WHAT YOU SHOULD DO: Lines with the word "part" are the answer; copy each of them from the data below.

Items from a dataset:
- - -

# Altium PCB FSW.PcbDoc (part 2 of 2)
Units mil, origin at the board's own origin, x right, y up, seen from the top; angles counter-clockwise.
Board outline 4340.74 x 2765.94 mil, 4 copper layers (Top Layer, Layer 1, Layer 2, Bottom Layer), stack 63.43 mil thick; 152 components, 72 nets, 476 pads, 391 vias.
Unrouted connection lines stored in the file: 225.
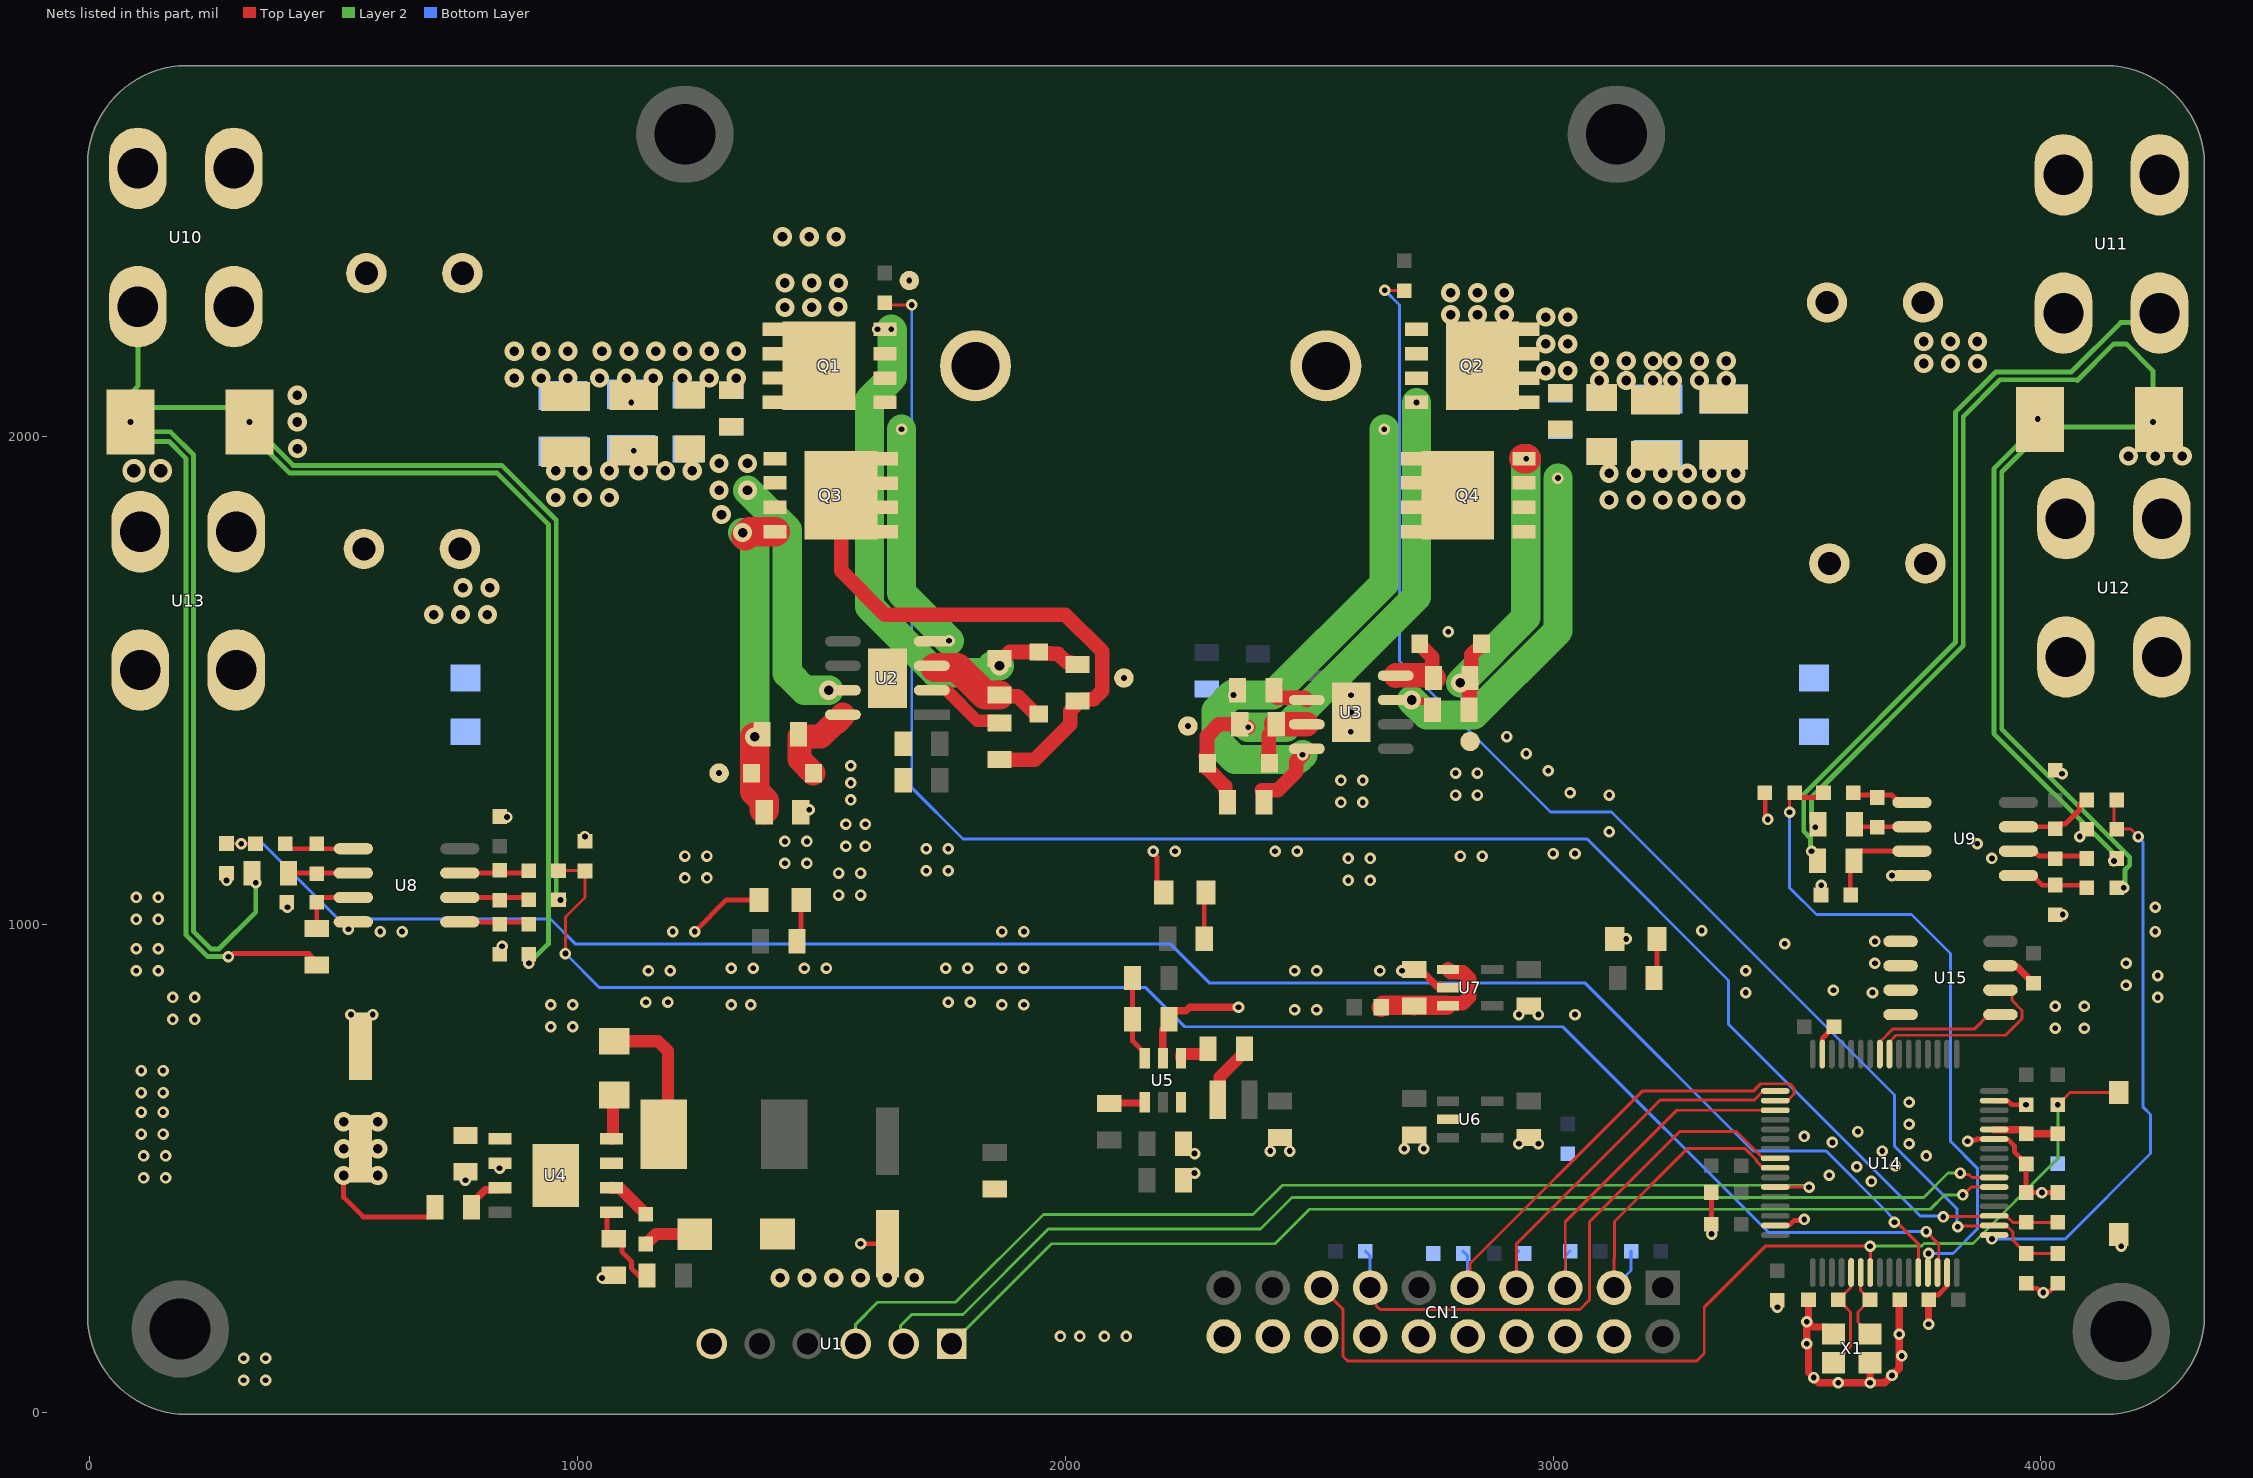
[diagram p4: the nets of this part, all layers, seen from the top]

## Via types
v1: diameter 23.62, hole 11.81, Top Layer to Bottom Layer, tented both sides, 276 vias
v2: diameter 39.37, hole 19.68, Top Layer to Bottom Layer, tented both sides, 113 vias
v3: diameter 47.24, hole 27.56, Top Layer to Bottom Layer, tented both sides, 2 vias

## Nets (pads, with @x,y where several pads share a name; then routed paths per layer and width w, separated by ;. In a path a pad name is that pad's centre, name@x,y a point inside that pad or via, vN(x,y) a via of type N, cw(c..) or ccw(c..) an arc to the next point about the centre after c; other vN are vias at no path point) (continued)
GND: C1.1 C2.1 C3.1 C4.1 C6.1 C7.1 C8.2 C11.1 C12.1 C13.1 C14.1 C15.1 C16.2 C17.1 C18.1 C19.2 C20.1 C21.1 C22.1 C23.1 C26.1 C27.1 C28.2 C30.1 C31.2 C32.1 C33.1 C35.2 C36.1 C37.1 C38.1 C39.1 C46.1 C47.2 C48.1 C49.1 C50.2 C51.1 C52.1 C53.2 C54.2 C55.1 C56.1 C57.1 C58.1 C59.1 C60.1 C61.1 C62.1 C63.1 C64.1 C65.1 C66.1 C67.1 C71.1 CN1.4 CN1.6 CN1.8 CN1.10 CN1.12 CN1.14 CN1.16 CN1.18 CN1.20 D5.1 LED1.1 LED3.1 LED4.1 pad.2 Q3.1 Q3.2 Q3.3 Q4.1 Q4.2 Q4.3 R7.1 R8.2 R11.1 R12.1 R13.1 R14.1 R18.1 R19.2 R24.1 R29.1 R33.1 R34.1 R39.1 R41.1 R44.1 R48.2 R56.1 R58.1 SW1.1 U1.6 U2.7 U2.9 U3.7 U3.9 U4.2 U5.2 U6.2 U7.2 U8.4 U9.4 U14.15 U14.27 U14.31 U14.47 U14.63 U15.1 U15.2 U15.3 U15.4 U15.7 X1.2 X1.4 | length 6202.9
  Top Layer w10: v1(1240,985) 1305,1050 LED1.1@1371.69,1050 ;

- - -

EXPECTED ANSWER:
# Altium PCB FSW.PcbDoc (part 2 of 2)
[diagram p4: the nets of this part, all layers, seen from the top]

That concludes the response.